It’s a match unlike any other that eHarmony has done.

The veteran online dating company announced it would launch a new job-matching business called Elevated Careers by eHarmony, which is intended to match employees with businesses deemed best suited for them. Elevated Careers will incorporate the same algorithm found in its dating counterpart, though the number of measured correlations is expected to be less than the 29 variables eHarmony uses to help you find “The One.”

Neil Clark Warren, the matchmaking service’s 79-year-old founder who returned as chief executive in 2012 after a four-year retirement, first told the Business Journal in November that the Santa Monica company was looking to diversify and expand beyond the dating world.

“Last year, we spent $90 million on advertising, and we had to distribute all $90 million to one product: eHarmony,” he said. “We saw that it was hard to make a business work when you just have one product.”

Elevated Careers received no outside investment and was solely financed from revenue generated by eHarmony. A team of 10 eHarmony employees has already moved over to ready the job site for a potential December launch.

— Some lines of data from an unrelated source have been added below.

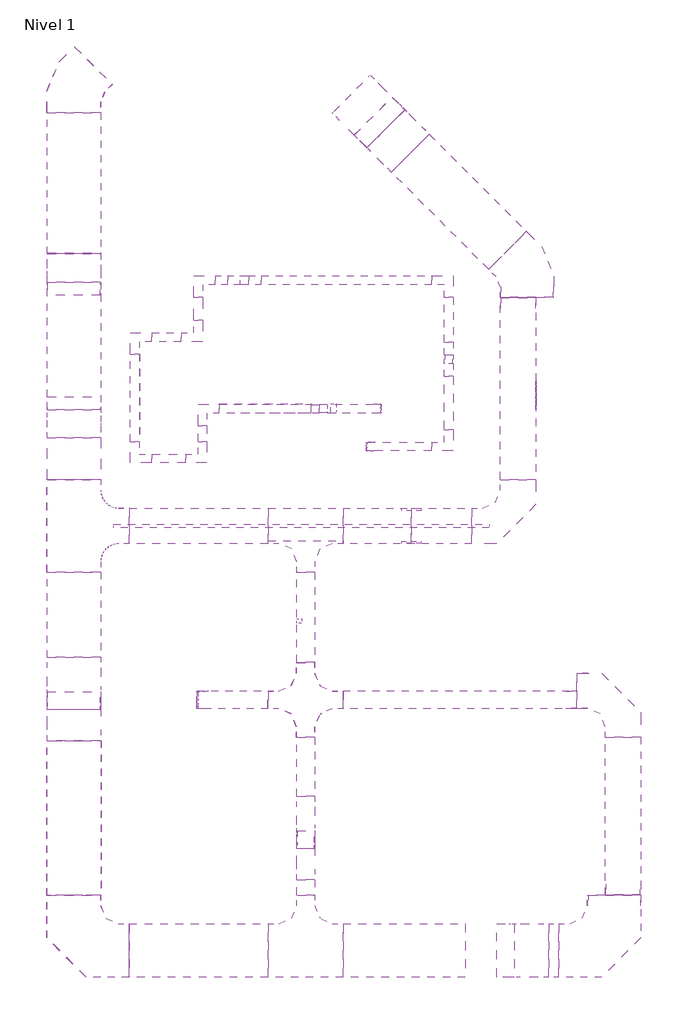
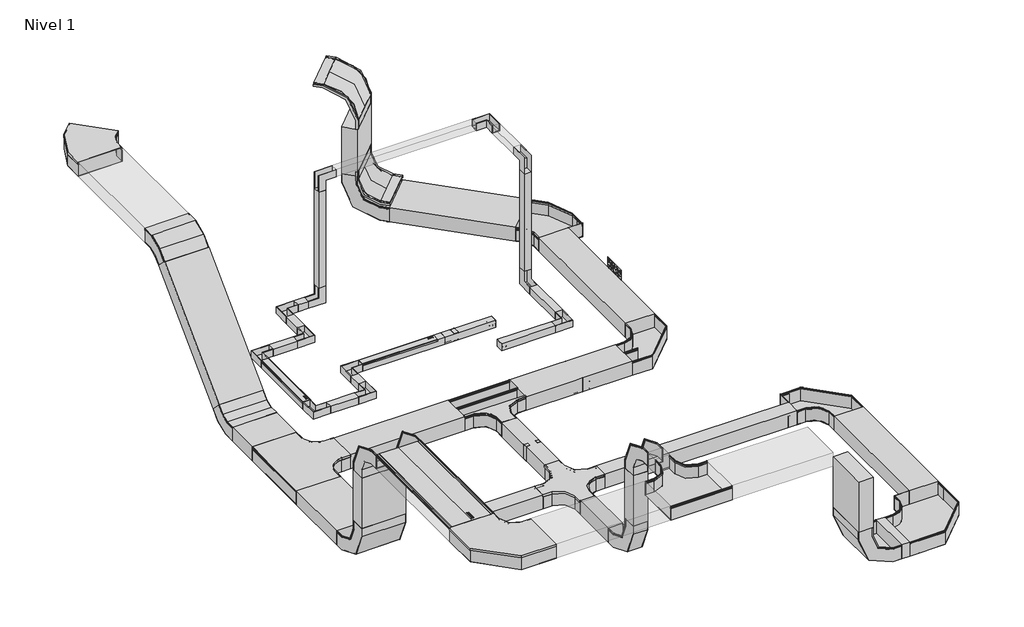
# One storey, incomplete: 36 cable carrier fittings, 36 cable carrier segments, 19 proxies.
"""IFC4 building model written with IfcOpenShell, lengths in millimetres."""

from ifc_helpers import new_model, si_unit, frame, origin, place, context, project, spatial, polyline, outline, extrude, transform, mapped, element, save
from components import generic_models_e08e2e93, generic_models_6503f62f, generic_models_c980e6e2, generic_models_5eda5abc, generic_models_029ad9ad, generic_models_4b91ea04, generic_models_b537d021, generic_models_f615600c, generic_models_85299ec2, generic_models_8c51f1e9, generic_models_648d6697, generic_models_243004cf, generic_models_e8f70c77, generic_models_0b94fb28, generic_models_92a7ed6a, generic_models_f5429365, generic_models_22f00882, generic_models_8213715d, cable_carrier_fitting_c11d5971, cable_carrier_fitting_7dd08698, cable_carrier_fitting_1b124e51, cable_carrier_fitting_58051795, cable_carrier_fitting_2066f91e, cable_carrier_fitting_6ee26a38, cable_carrier_fitting_8f606e74, cable_carrier_fitting_ebb957c4, cable_carrier_fitting_da196a82, cable_carrier_fitting_676bfd4c, cable_carrier_fitting_0c136e6a, cable_carrier_fitting_4fe643f0, cable_carrier_fitting_583218a9, cable_carrier_fitting_2e4e60a8, cable_carrier_fitting_490ff1a4, cable_carrier_fitting_9a046f3b, cable_carrier_fitting_3c1a814d, cable_carrier_fitting_408e2334, cable_carrier_fitting_66a21cff, cable_carrier_fitting_30d9f417, cable_carrier_fitting_c155dae2

model = new_model("IFC4")

# Units and contexts
model_context = context("Model", 3, world=origin())
ifc_project = project(units=[si_unit("LENGTHUNIT", "METRE", prefix="MILLI")], contexts=[model_context])

# Site, building, storey
site = spatial("IfcSite", under=ifc_project)
building = spatial("IfcBuilding", under=site)
storey = spatial("IfcBuildingStorey", under=building, Name="Nivel 1", Elevation=0.0)

# Proxies
placement = place(None, origin())
generic_models_shape = generic_models_e08e2e93(model_context)
element("IfcBuildingElementProxy", 1, Name="Cable_Tray_Cover_TAS_Basortray : Basortray TAS 100-GS", ObjectType="Cable_Tray_Cover_TAS_Basortray : Basortray TAS 100-GS", at=placement, inside=storey, context=model_context, shape_type="MappedRepresentation", body=[
    mapped(generic_models_shape, transform((-2932.7418165, -1714.0005288, 1505.0411788), x_axis=(1.0, 0.0, 0.0), y_axis=(0.0, 1.0, 0.0), z_axis=(0.0, 0.0, 1.0))),
])
generic_models_2_shape = generic_models_6503f62f(model_context)
element("IfcBuildingElementProxy", 2, Name="Cable_Tray_Cover_TCCERC45_Basortray : Basortray TCCERC45-300-GS", ObjectType="Cable_Tray_Cover_TCCERC45_Basortray : Basortray TCCERC45-300-GS", at=placement, inside=storey, context=model_context, shape_type="MappedRepresentation", body=[
    mapped(generic_models_2_shape, transform((-4232.7386404, -1120.0766836, 1505.0520425), x_axis=(-1.0, 0.0, 0.0), y_axis=(0.0, -1.0, 0.0), z_axis=(0.0, 0.0, 1.0))),
])
generic_models_3_shape = generic_models_c980e6e2(model_context)
element("IfcBuildingElementProxy", 3, Name="Cable_Tray_Cover_TCCERC_Basortray : Basortray TCCERC 300-GS", ObjectType="Cable_Tray_Cover_TCCERC_Basortray : Basortray TCCERC 300-GS", at=placement, inside=storey, context=model_context, shape_type="MappedRepresentation", body=[
    mapped(generic_models_3_shape, transform((-2483.1374655, 612.2409935, 1535.0411788), x_axis=(0.7071067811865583, 0.7071067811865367, 0.0), y_axis=(-0.7071067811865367, 0.7071067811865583, 0.0), z_axis=(0.0, 0.0, 1.0))),
])
generic_models_4_shape = generic_models_5eda5abc(model_context)
element("IfcBuildingElementProxy", 4, Name="Cable_Tray_Cover_TCPERC45_Basortray : Basortray TCPERC45-300-GS", ObjectType="Cable_Tray_Cover_TCPERC45_Basortray : Basortray TCPERC45-300-GS", at=placement, inside=storey, context=model_context, shape_type="MappedRepresentation", body=[
    mapped(generic_models_4_shape, transform((-4083.8612043, 762.7979534, 2309.2411788), x_axis=(1.0, 0.0, 0.0), y_axis=(0.0, 1.0, 0.0), z_axis=(0.0, 0.0, 1.0))),
])
generic_models_5_shape = generic_models_029ad9ad(model_context)
element("IfcBuildingElementProxy", 5, Name="Cable_Tray_Support_Box_SUCP_Basortray : Basortray SUCP-GS", ObjectType="Cable_Tray_Support_Box_SUCP_Basortray : Basortray SUCP-GS", at=placement, inside=storey, context=model_context, shape_type="MappedRepresentation", body=[
    mapped(generic_models_5_shape, transform((-1641.458026, -880.1930657, 1512.1289575), x_axis=(0.0, 1.0, 0.0), y_axis=(0.0, 0.0, 1.0), z_axis=(1.0, 0.0, 0.0))),
])
generic_models_6_shape = generic_models_4b91ea04(model_context)
element("IfcBuildingElementProxy", 6, Name="Cable_Tray_FinalCover_TFERE 50_Basortray : Basortray TFERE 50-GS", ObjectType="Cable_Tray_FinalCover_TFERE 50_Basortray : Basortray TFERE 50-GS", at=placement, inside=storey, context=model_context, shape_type="MappedRepresentation", body=[
    mapped(generic_models_6_shape, transform((-2591.3454826, -1169.6026958, 1500.0), x_axis=(0.0, -1.0, 0.0), y_axis=(0.0, 0.0, 1.0), z_axis=(-1.0, 0.0, 0.0))),
])
element("IfcBuildingElementProxy", 7, Name="Cable_Tray_FinalCover_TFERE 50_Basortray : Basortray TFERE 50-GS", ObjectType="Cable_Tray_FinalCover_TFERE 50_Basortray : Basortray TFERE 50-GS", at=placement, inside=storey, context=model_context, shape_type="MappedRepresentation", body=[
    mapped(generic_models_6_shape, transform((-2510.692195, -956.9482563, 1510.5), x_axis=(0.0, 1.0, 0.0), y_axis=(0.0, 0.0, 1.0), z_axis=(1.0, 0.0, 0.0))),
])
generic_models_7_shape = generic_models_b537d021(model_context)
element("IfcBuildingElementProxy", 8, Name="Cable_Tray_CoverRetainer_PTER 50x50_Basortray : Basortray PTER 50x50-i304", ObjectType="Cable_Tray_CoverRetainer_PTER 50x50_Basortray : Basortray PTER 50x50-i304", at=placement, inside=storey, context=model_context, shape_type="MappedRepresentation", body=[
    mapped(generic_models_7_shape, transform((-2761.7009747, -981.9442035, 1535.5), x_axis=(6.754696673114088e-05, 0.9999999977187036, 0.0), y_axis=(-0.9999999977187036, 6.754696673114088e-05, 0.0), z_axis=(0.0, 0.0, 1.0))),
])
generic_models_8_shape = generic_models_f615600c(model_context)
element("IfcBuildingElementProxy", 9, Name="Cable_Tray_CoverRetainer_P T ERE_Basortray : Basortray P T ERE-i304-100", ObjectType="Cable_Tray_CoverRetainer_P T ERE_Basortray : Basortray P T ERE-i304-100", at=placement, inside=storey, context=model_context, shape_type="MappedRepresentation", body=[
    mapped(generic_models_8_shape, transform((-2882.7384407, -2161.1537937, 1505.0485729), x_axis=(0.0, -2.4928024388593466e-05, -0.9999999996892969), y_axis=(0.0, 0.9999999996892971, -2.4928024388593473e-05), z_axis=(1.0000000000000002, 0.0, 0.0))),
])
generic_models_9_shape = generic_models_85299ec2(model_context)
element("IfcBuildingElementProxy", 10, Name="Cable_Tray_FinalCover_TFERE_Basortray : Basortray TFERE 100x80-GS", ObjectType="Cable_Tray_FinalCover_TFERE_Basortray : Basortray TFERE 100x80-GS", at=placement, inside=storey, context=model_context, shape_type="MappedRepresentation", body=[
    mapped(generic_models_9_shape, transform((-3542.7384407, -2590.0616098, 1446.2337687), x_axis=(0.0, 1.0, 0.0), y_axis=(0.0, 0.0, -1.0), z_axis=(-1.0, 0.0, 0.0))),
])
generic_models_10_shape = generic_models_8c51f1e9(model_context)
element("IfcBuildingElementProxy", 11, Name="Cable_Tray_Cover_TCPERC_Basortray : Basortray TCPERC 300-GS", ObjectType="Cable_Tray_Cover_TCPERC_Basortray : Basortray TCPERC 300-GS", at=placement, inside=storey, context=model_context, shape_type="MappedRepresentation", body=[
    mapped(generic_models_10_shape, transform((-4234.6449326, -3995.6258724, 2335.044089), x_axis=(0.0, 1.0, 0.0), y_axis=(-1.0, 0.0, 0.0), z_axis=(0.0, 0.0, 1.0))),
])
generic_models_11_shape = generic_models_648d6697(model_context)
element("IfcBuildingElementProxy", 12, Name="Cable_Tray_Cover_TCXERC_Basortray : Basortray TCXERC 300x100-GS", ObjectType="Cable_Tray_Cover_TCXERC_Basortray : Basortray TCXERC 300x100-GS", at=placement, inside=storey, context=model_context, shape_type="MappedRepresentation", body=[
    mapped(generic_models_11_shape, transform((-2483.1374655, 612.2409935, 2310.8456675), x_axis=(0.7071067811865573, 0.7071067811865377, 0.0), y_axis=(0.0, 0.0, 1.0), z_axis=(0.7071067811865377, -0.7071067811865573, 0.0))),
])
generic_models_12_shape = generic_models_243004cf(model_context)
element("IfcBuildingElementProxy", 13, Name="Cable_Tray_Cover_TCXERC45_Basortray : Basortray TCXERC45-300x100-GS", ObjectType="Cable_Tray_Cover_TCXERC45_Basortray : Basortray TCXERC45-300x100-GS", at=placement, inside=storey, context=model_context, shape_type="MappedRepresentation", body=[
    mapped(generic_models_12_shape, transform((-4232.7384407, -321.6280499, 2211.0289102), x_axis=(-1.0, 0.0, 0.0), y_axis=(0.0, -0.7071067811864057, -0.7071067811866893), z_axis=(0.0, -0.7071067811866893, 0.7071067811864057))),
])
generic_models_13_shape = generic_models_e8f70c77(model_context)
element("IfcBuildingElementProxy", 14, Name="Cable_Tray_Cover_T ERE 50_Basortray : Basortray TERE 50-GS", ObjectType="Cable_Tray_Cover_T ERE 50_Basortray : Basortray TERE 50-GS", at=placement, inside=storey, context=model_context, shape_type="MappedRepresentation", body=[
    mapped(generic_models_13_shape, transform((-2905.6921948, -956.9529012, 1535.5), x_axis=(-9.330842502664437e-05, 0.9999999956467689, 0.0), y_axis=(-0.9999999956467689, -9.330842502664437e-05, 0.0), z_axis=(0.0, 0.0, 1.0))),
])
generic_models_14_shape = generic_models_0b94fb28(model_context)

Rather than focus on small businesses with few employees, Elevated Careers hopes to attract the interest of large corporations like Walt Disney Co. or PepsiCo Inc. in its initial stages. And while Warren wouldn’t put a number on the monthly fees users would be charged, he was confident eHarmony’s 14-year history of making successful matches would quickly boost Elevated Careers’ popularity above that of other job sites like Monster or LinkedIn.

“I expect to fit on top of all those things,” he said.